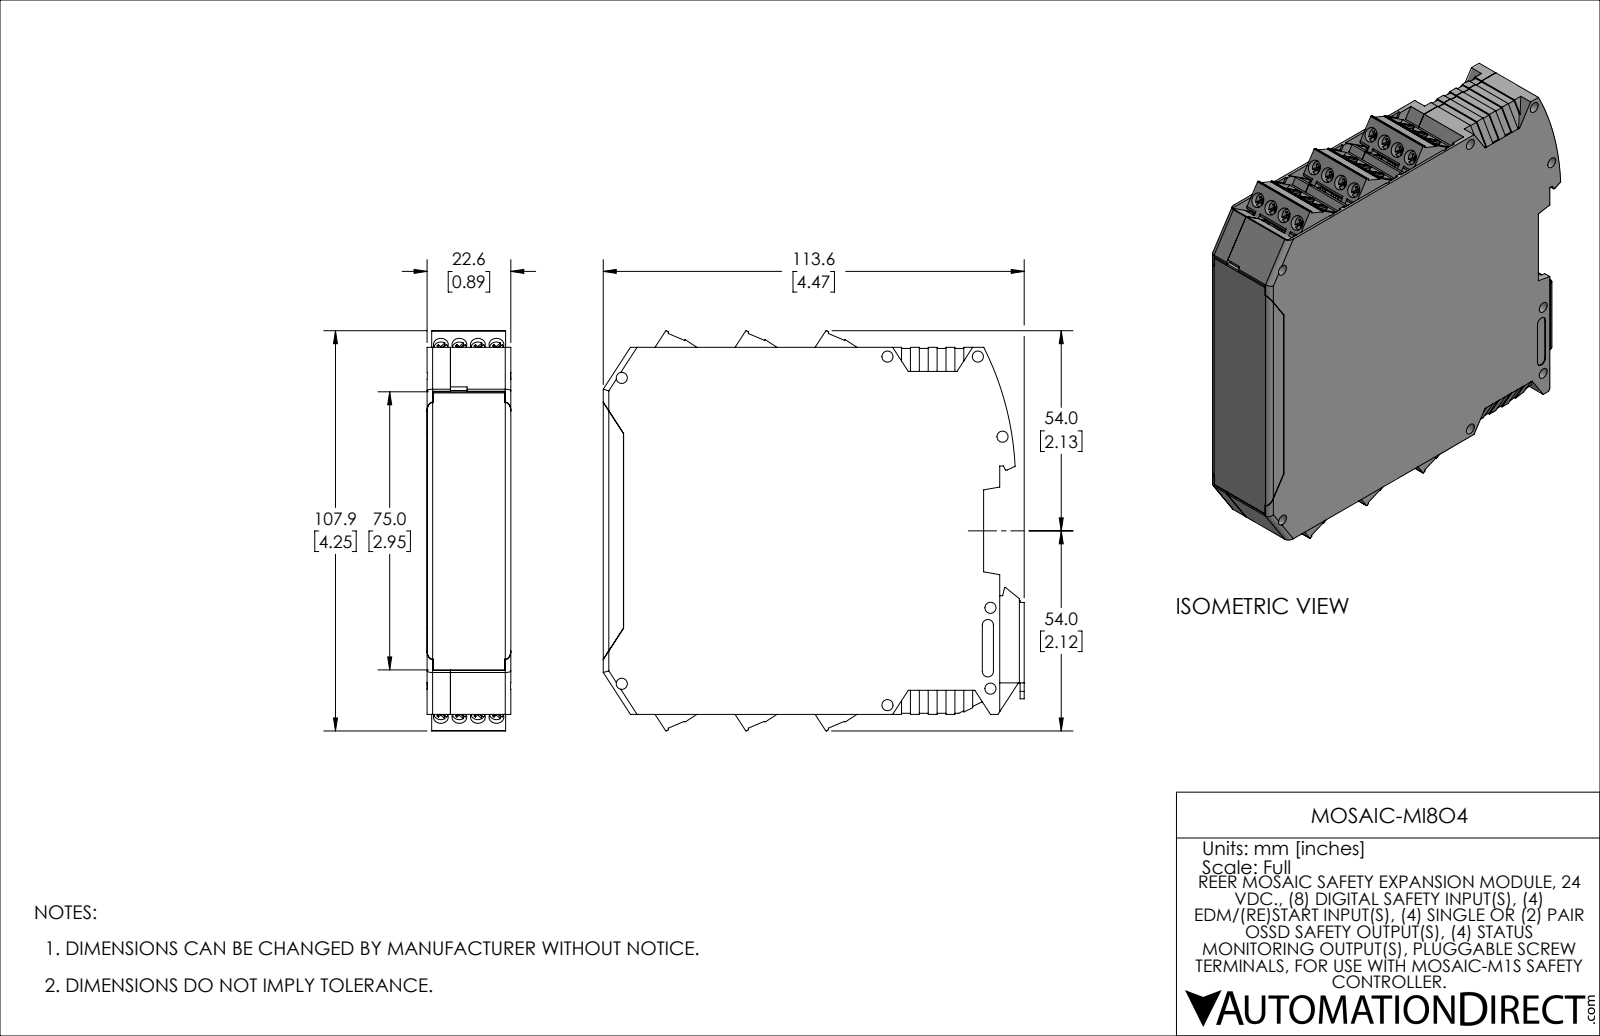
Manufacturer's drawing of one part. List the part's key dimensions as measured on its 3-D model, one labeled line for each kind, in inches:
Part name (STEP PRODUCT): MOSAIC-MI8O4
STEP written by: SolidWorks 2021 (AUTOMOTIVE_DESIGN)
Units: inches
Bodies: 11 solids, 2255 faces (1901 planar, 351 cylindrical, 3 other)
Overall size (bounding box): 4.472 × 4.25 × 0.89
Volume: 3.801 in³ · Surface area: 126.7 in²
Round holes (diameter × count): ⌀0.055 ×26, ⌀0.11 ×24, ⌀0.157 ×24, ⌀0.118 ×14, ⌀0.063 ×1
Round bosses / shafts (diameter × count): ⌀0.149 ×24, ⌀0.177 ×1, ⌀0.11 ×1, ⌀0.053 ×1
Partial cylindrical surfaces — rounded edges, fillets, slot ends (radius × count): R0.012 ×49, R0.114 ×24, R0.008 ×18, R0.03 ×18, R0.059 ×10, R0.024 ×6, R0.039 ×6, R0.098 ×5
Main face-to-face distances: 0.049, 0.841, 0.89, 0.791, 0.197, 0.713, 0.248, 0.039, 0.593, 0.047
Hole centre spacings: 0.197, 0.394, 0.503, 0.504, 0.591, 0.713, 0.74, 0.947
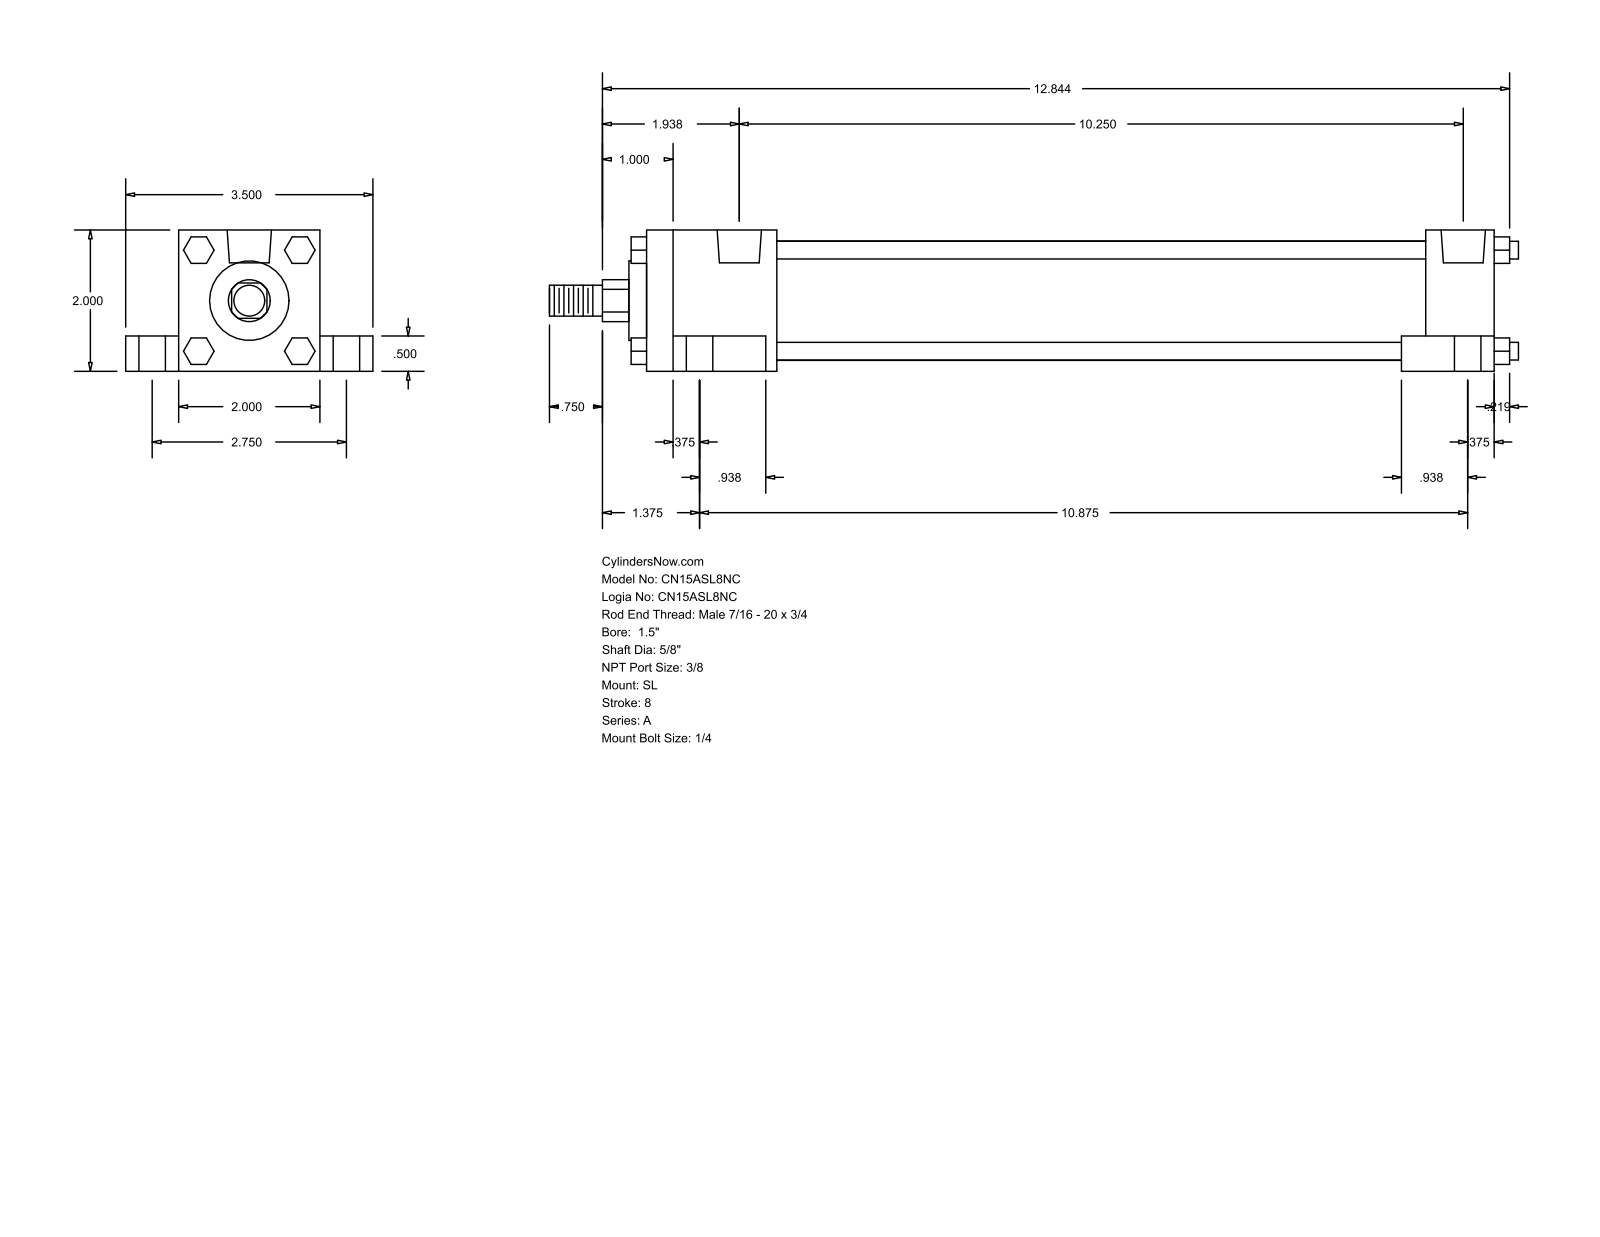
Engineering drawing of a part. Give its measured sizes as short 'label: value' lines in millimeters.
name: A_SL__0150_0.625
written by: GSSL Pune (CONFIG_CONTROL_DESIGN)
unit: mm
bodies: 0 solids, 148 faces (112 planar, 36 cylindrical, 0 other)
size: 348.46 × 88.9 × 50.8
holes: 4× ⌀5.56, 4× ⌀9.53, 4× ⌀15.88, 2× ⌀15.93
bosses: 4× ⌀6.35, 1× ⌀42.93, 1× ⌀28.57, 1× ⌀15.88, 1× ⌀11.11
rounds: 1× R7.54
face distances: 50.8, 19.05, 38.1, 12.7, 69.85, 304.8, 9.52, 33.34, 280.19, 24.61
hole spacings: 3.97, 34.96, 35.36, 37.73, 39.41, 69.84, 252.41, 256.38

Required work: Look through the material above for the word "spacings" and copy every line that has it.

Solution below:
Hole centre spacings: 0.197, 0.394, 0.503, 0.504, 0.591, 0.713, 0.74, 0.947
hole spacings: 3.97, 34.96, 35.36, 37.73, 39.41, 69.84, 252.41, 256.38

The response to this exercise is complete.